- Born: 7 May 1892 Nottingham
- Died: 23 December 1949 (aged 57)
- Education: Newnham College
- Occupation: Aeronautical engineering
- Employer: Royal Aircraft Establishment Farnborough

= Muriel Glauert =

British mathematician

Muriel Glauert (née Barker) (7 May 1892 – 23 December 1949) was a British mathematician who made significant contributions to early advances in aerodynamics.

== Early life and education ==
Muriel Barker was born in Nottingham, the daughter of a textile manufacturer, and attended Nottingham Girls' High School, where she won prizes for her achievements in German, maths and chemistry. She attended Newnham College, Cambridge, from 1912 to 1915 and completed the mathematical tripos, although this was awarded by London University, as Cambridge was yet to award degrees to women.

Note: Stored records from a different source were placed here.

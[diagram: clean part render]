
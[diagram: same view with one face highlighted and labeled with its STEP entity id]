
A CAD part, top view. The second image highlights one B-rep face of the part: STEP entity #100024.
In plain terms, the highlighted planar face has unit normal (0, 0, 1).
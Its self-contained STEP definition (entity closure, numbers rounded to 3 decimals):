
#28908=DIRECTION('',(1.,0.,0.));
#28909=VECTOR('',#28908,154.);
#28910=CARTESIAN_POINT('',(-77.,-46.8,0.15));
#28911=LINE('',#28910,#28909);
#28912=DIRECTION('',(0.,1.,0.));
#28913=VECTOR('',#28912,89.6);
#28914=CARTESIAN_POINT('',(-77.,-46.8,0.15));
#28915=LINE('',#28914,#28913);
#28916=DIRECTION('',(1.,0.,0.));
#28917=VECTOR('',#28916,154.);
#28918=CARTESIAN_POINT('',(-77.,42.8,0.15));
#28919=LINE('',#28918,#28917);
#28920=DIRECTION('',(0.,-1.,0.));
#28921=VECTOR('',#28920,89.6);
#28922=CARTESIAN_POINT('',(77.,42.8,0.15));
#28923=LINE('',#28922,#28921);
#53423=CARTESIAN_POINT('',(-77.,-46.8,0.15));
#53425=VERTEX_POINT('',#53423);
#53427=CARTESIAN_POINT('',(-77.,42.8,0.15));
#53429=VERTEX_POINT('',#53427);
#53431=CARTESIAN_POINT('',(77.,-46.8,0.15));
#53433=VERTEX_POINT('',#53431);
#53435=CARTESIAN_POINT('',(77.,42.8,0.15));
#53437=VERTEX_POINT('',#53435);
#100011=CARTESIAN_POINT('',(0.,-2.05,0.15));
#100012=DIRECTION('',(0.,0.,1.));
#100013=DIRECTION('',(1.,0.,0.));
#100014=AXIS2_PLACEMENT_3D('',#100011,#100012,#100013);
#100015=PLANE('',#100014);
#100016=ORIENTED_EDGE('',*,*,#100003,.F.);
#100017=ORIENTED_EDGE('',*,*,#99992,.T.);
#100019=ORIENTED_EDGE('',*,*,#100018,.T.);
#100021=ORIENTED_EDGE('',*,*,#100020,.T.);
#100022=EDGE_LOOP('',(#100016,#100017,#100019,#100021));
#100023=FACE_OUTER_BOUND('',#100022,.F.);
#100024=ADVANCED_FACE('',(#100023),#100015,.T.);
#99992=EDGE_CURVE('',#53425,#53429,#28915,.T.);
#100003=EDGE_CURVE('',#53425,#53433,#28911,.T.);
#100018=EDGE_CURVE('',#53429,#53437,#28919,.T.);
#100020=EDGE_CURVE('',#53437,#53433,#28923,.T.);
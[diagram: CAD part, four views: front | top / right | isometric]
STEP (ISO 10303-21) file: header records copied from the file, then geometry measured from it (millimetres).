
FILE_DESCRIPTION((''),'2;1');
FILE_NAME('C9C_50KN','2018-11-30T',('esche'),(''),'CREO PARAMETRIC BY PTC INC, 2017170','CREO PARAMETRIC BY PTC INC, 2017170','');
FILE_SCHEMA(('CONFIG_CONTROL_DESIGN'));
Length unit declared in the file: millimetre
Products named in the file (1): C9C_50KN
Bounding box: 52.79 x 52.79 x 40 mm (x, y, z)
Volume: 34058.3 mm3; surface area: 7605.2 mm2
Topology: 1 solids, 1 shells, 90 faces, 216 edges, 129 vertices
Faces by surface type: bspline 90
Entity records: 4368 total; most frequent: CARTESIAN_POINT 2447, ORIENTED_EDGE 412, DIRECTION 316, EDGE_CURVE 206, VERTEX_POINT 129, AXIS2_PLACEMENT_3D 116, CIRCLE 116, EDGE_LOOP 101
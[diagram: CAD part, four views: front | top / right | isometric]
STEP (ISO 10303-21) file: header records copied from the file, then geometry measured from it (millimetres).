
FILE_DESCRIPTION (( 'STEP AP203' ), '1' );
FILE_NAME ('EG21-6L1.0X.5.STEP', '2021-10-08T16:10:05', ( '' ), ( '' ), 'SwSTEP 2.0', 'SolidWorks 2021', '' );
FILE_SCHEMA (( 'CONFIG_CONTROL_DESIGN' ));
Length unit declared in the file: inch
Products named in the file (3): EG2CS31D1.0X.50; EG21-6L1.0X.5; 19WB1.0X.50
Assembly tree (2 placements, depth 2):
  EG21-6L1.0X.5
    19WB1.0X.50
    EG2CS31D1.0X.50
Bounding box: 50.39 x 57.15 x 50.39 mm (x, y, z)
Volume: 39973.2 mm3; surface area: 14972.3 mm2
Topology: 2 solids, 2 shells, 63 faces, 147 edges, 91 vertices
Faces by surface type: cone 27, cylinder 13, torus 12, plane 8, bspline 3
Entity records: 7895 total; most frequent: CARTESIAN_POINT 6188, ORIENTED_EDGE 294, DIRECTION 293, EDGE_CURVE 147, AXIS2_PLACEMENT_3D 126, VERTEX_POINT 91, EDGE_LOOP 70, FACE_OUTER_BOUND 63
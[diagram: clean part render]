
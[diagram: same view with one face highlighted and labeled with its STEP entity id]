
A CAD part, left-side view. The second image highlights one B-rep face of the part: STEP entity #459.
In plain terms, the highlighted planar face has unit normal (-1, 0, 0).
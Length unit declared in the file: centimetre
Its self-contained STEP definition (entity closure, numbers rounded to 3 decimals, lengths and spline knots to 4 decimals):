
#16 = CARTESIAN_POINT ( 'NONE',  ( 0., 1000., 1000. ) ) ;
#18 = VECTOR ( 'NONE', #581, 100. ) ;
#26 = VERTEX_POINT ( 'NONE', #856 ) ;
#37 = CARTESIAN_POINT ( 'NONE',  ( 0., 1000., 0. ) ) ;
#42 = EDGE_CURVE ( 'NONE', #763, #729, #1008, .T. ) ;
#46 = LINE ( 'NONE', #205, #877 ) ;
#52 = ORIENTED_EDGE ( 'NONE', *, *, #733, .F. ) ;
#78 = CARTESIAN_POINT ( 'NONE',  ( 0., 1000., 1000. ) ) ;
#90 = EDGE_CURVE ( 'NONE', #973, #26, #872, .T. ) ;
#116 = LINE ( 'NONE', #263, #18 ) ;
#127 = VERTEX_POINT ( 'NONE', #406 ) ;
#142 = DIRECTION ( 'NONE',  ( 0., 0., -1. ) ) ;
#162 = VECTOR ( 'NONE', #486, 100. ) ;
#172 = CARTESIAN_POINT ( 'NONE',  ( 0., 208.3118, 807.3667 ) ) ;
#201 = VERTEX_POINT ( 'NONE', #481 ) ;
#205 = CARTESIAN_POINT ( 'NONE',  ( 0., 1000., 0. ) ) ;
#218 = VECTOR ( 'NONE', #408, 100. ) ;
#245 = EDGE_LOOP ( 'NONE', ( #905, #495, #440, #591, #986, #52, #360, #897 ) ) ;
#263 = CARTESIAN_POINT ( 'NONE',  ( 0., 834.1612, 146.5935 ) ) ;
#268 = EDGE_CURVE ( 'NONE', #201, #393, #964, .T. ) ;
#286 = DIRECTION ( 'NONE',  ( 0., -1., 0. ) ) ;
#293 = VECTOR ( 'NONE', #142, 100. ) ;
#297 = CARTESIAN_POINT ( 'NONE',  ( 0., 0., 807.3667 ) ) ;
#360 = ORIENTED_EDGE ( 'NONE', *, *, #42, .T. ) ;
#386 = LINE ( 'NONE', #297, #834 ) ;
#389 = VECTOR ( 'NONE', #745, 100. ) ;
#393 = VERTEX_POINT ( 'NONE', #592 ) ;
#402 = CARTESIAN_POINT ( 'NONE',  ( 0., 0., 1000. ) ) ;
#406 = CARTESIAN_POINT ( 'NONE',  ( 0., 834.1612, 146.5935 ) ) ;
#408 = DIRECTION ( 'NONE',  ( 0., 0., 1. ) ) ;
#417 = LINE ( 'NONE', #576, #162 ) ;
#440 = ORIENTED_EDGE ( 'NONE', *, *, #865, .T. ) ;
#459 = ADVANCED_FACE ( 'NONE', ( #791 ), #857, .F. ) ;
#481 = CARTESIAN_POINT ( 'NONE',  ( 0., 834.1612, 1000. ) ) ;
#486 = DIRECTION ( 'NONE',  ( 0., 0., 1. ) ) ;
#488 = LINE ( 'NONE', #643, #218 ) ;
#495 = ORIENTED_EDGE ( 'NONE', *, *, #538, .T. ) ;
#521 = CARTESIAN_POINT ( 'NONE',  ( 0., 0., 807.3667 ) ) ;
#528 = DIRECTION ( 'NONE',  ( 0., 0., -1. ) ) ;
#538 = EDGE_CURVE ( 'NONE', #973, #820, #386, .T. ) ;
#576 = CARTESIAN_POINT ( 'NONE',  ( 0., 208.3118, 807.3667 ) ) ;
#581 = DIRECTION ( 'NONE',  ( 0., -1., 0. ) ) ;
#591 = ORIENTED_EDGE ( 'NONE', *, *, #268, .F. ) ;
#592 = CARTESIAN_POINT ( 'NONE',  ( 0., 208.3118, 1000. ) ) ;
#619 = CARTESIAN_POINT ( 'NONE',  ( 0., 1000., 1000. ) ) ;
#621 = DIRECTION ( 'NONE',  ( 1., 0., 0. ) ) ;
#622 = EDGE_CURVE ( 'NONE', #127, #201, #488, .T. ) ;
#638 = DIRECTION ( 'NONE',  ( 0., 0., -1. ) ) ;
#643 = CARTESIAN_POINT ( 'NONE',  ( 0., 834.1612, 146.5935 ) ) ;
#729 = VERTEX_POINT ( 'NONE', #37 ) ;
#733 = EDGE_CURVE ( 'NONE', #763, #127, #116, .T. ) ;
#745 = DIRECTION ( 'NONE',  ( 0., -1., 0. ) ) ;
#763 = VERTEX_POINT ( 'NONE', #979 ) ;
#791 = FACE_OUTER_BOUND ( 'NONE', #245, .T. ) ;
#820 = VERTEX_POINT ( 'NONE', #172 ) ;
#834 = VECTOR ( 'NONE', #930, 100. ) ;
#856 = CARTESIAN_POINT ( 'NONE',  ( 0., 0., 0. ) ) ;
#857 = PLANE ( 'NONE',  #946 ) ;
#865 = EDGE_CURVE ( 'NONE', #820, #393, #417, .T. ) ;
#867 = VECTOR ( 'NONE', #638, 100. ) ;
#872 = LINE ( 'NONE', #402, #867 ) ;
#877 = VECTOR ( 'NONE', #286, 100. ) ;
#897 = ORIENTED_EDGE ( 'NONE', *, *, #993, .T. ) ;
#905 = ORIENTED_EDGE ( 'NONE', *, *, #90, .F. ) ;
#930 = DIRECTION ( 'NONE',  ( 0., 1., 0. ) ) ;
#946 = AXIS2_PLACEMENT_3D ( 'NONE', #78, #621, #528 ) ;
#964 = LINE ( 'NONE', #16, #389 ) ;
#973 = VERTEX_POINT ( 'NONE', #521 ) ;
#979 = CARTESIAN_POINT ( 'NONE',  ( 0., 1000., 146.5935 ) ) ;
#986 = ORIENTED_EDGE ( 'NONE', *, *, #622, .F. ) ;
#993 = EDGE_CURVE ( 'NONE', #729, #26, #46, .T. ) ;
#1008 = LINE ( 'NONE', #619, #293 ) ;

== Career at the Royal Aircraft Establishment ==
Barker taught in Liverpool before joining the Royal Aircraft Establishment (RAE) in Farnborough in 1918 as a researcher. Her first publication in her early career at Farnborough was on theoretical streamlines for the flow over an aerofoil. In 1919 she went to study at Bryn Mawr for a year and then undertook postgraduate studies in aeronautics at Cambridge. In August 1922 she published her paper 'On the use of very small pitot-tubes for measuring wind velocity' in the Proceedings of the Royal Society. A pitot tube is a slender tube with two holes used to calculate speed through the air or water, used by both ships and aeroplanes. Barker was the first researcher to demonstrate that the difference between the pitot tube's reading and the static pressure is proportional to the flow speed rather than to its square. In the same year she returned to the RAE, and became engaged to, and later married, the aerodynamicist Hermann Glauert, Principal Scientific Officer at the RAE.

== Later career ==
After her husband was killed in an accident in 1934, Barker later became Examiner in Mathematics for the London and Cambridge and Joint Northern Universities. In 1940 she published a final academic paper, which looked at the capture of raindrops by a cylinder and an aerofoil moving at uniform speed, a problem of ongoing concern due to ice formation, for example, on aeroplane wings in flight.

== Personal life ==
Barker was married to Hermann Glauert, who died in 1934. They had three children: Michael, and twins Audrey and Richard. Muriel Glauert died in 1949 and was buried alongside her husband.